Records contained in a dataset
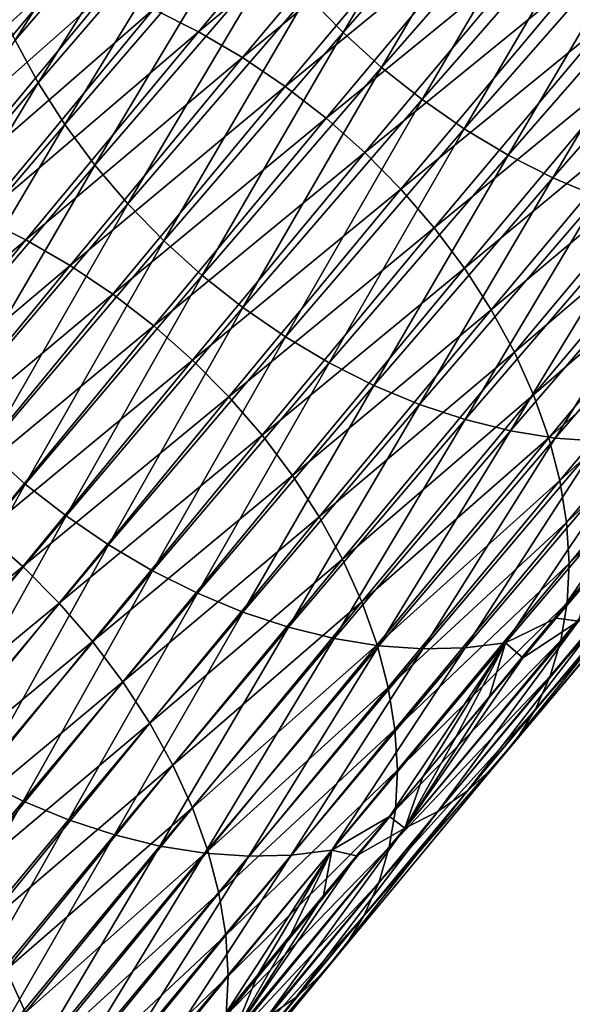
# Model space of a CAD drawing. Header units: millimetres. Extents: x -522 to 188, y -54 to 63.
# Tile 1005 of 1056: x 29.84 to 32.89, y -31.71 to -26.28. Entities that reach past the tile are written whole.
import ezdxf

# ---------------------------------------------------------------- set-up
doc = ezdxf.new("R2010")
doc.units = ezdxf.units.MM
doc.header["$LTSCALE"] = 65.185185
doc.layers.add('39', color=7, linetype='CONTINUOUS')
doc.layers.add('40', color=7, linetype='CONTINUOUS')

msp = doc.modelspace()

# ---------------------------------------------------------------- linework, layer by layer
at = {"layer": '39', "linetype": 'CONTINUOUS'}
for points in [[(31.7943, -25.1913, -38.6734), (30.579, -26.2197, -37.3256), (30.8275, -26.3431, -37.257), (31.7943, -25.1913, -38.6734)], [(31.7943, -25.1913, -38.6734), (30.8275, -26.3431, -37.257), (32.0367, -25.334, -38.623), (31.7943, -25.1913, -38.6734)], [(32.0367, -25.334, -38.623), (30.8275, -26.3431, -37.257), (31.0705, -26.4851, -37.2074), (32.0367, -25.334, -38.623)], [(32.0367, -25.334, -38.623), (31.0705, -26.4851, -37.2074), (32.2715, -25.494, -38.5921), (32.0367, -25.334, -38.623)], [(32.2715, -25.494, -38.5921), (31.0705, -26.4851, -37.2074), (31.3057, -26.6445, -37.1773), (32.2715, -25.494, -38.5921)], [(32.2715, -25.494, -38.5921), (31.3057, -26.6445, -37.1773), (32.4963, -25.6701, -38.5809), (32.2715, -25.494, -38.5921)], [(32.4963, -25.6701, -38.5809), (31.3057, -26.6445, -37.1773), (31.5311, -26.8199, -37.1669), (32.4963, -25.6701, -38.5809)], [(32.4963, -25.6701, -38.5809), (31.5311, -26.8199, -37.1669), (32.7092, -25.8605, -38.5895), (32.4963, -25.6701, -38.5809)], [(32.7092, -25.8605, -38.5895), (31.5311, -26.8199, -37.1669), (31.7446, -27.0097, -37.1763), (32.7092, -25.8605, -38.5895)], [(32.7092, -25.8605, -38.5895), (31.7446, -27.0097, -37.1763), (32.9083, -26.0635, -38.6178), (32.7092, -25.8605, -38.5895)], [(29.823, -25.9722, -37.6383), (28.8684, -27.1214, -36.2314), (30.0744, -26.0335, -37.5171), (29.823, -25.9722, -37.6383)], [(30.0744, -26.0335, -37.5171), (28.8684, -27.1214, -36.2314), (29.1202, -27.1822, -36.1108), (30.0744, -26.0335, -37.5171)], [(30.0744, -26.0335, -37.5171), (29.1202, -27.1822, -36.1108), (30.3272, -26.1162, -37.4126), (30.0744, -26.0335, -37.5171)], [(32.9083, -26.0635, -38.6178), (31.7446, -27.0097, -37.1763), (31.9442, -27.2121, -37.2054), (32.9083, -26.0635, -38.6178)], [(32.9083, -26.0635, -38.6178), (31.9442, -27.2121, -37.2054), (33.0918, -26.2774, -38.6656), (32.9083, -26.0635, -38.6178)], [(30.3272, -26.1162, -37.4126), (29.1202, -27.1822, -36.1108), (29.3734, -27.2645, -36.0069), (30.3272, -26.1162, -37.4126)], [(30.3272, -26.1162, -37.4126), (29.3734, -27.2645, -36.0069), (30.579, -26.2197, -37.3256), (30.3272, -26.1162, -37.4126)], [(30.579, -26.2197, -37.3256), (29.3734, -27.2645, -36.0069), (29.6256, -27.3675, -35.9205), (30.579, -26.2197, -37.3256)], [(30.579, -26.2197, -37.3256), (29.6256, -27.3675, -35.9205), (30.8275, -26.3431, -37.257), (30.579, -26.2197, -37.3256)], [(33.0918, -26.2774, -38.6656), (31.9442, -27.2121, -37.2054), (32.1282, -27.4253, -37.2541), (33.0918, -26.2774, -38.6656)], [(33.0918, -26.2774, -38.6656), (32.1282, -27.4253, -37.2541), (33.2579, -26.5001, -38.7325), (33.0918, -26.2774, -38.6656)], [(30.8275, -26.3431, -37.257), (29.6256, -27.3675, -35.9205), (29.8746, -27.4903, -35.8526), (30.8275, -26.3431, -37.257)], [(30.8275, -26.3431, -37.257), (29.8746, -27.4903, -35.8526), (31.0705, -26.4851, -37.2074), (30.8275, -26.3431, -37.257)], [(31.0705, -26.4851, -37.2074), (29.8746, -27.4903, -35.8526), (30.118, -27.6318, -35.8037), (31.0705, -26.4851, -37.2074)], [(31.0705, -26.4851, -37.2074), (30.118, -27.6318, -35.8037), (31.3057, -26.6445, -37.1773), (31.0705, -26.4851, -37.2074)], [(33.2579, -26.5001, -38.7325), (32.1282, -27.4253, -37.2541), (32.2948, -27.6474, -37.3217), (33.2579, -26.5001, -38.7325)], [(33.2579, -26.5001, -38.7325), (32.2948, -27.6474, -37.3217), (33.4052, -26.7296, -38.8178), (33.2579, -26.5001, -38.7325)], [(31.3057, -26.6445, -37.1773), (30.118, -27.6318, -35.8037), (30.3537, -27.7906, -35.7743), (31.3057, -26.6445, -37.1773)], [(31.3057, -26.6445, -37.1773), (30.3537, -27.7906, -35.7743), (31.5311, -26.8199, -37.1669), (31.3057, -26.6445, -37.1773)], [(33.4052, -26.7296, -38.8178), (32.2948, -27.6474, -37.3217), (32.4426, -27.8763, -37.4077), (33.4052, -26.7296, -38.8178)], [(33.4052, -26.7296, -38.8178), (32.4426, -27.8763, -37.4077), (33.5323, -26.9639, -38.9208), (33.4052, -26.7296, -38.8178)], [(31.5311, -26.8199, -37.1669), (30.3537, -27.7906, -35.7743), (30.5796, -27.9655, -35.7645), (31.5311, -26.8199, -37.1669)], [(31.5311, -26.8199, -37.1669), (30.5796, -27.9655, -35.7645), (31.7446, -27.0097, -37.1763), (31.5311, -26.8199, -37.1669)], [(33.5323, -26.9639, -38.9208), (32.4426, -27.8763, -37.4077), (32.5702, -28.1101, -37.5114), (33.5323, -26.9639, -38.9208)], [(33.5323, -26.9639, -38.9208), (32.5702, -28.1101, -37.5114), (33.6381, -27.2009, -39.0405), (33.5323, -26.9639, -38.9208)], [(31.7446, -27.0097, -37.1763), (30.5796, -27.9655, -35.7645), (30.7935, -28.1547, -35.7746), (31.7446, -27.0097, -37.1763)], [(31.7446, -27.0097, -37.1763), (30.7935, -28.1547, -35.7746), (31.9442, -27.2121, -37.2054), (31.7446, -27.0097, -37.1763)], [(33.6381, -27.2009, -39.0405), (32.5702, -28.1101, -37.5114), (32.6765, -28.3465, -37.6318), (33.6381, -27.2009, -39.0405)], [(33.6381, -27.2009, -39.0405), (32.6765, -28.3465, -37.6318), (33.7217, -27.4383, -39.1758), (33.6381, -27.2009, -39.0405)], [(31.9442, -27.2121, -37.2054), (30.7935, -28.1547, -35.7746), (30.9936, -28.3565, -35.8045), (31.9442, -27.2121, -37.2054)], [(31.9442, -27.2121, -37.2054), (30.9936, -28.3565, -35.8045), (32.1282, -27.4253, -37.2541), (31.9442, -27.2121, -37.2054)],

▸ **Task description**
Wherever a line above contains the string "linetype", copy that line.

▸ **Worked solution**
doc.layers.add('39', color=7, linetype='CONTINUOUS')
doc.layers.add('40', color=7, linetype='CONTINUOUS')
at = {"layer": '39', "linetype": 'CONTINUOUS'}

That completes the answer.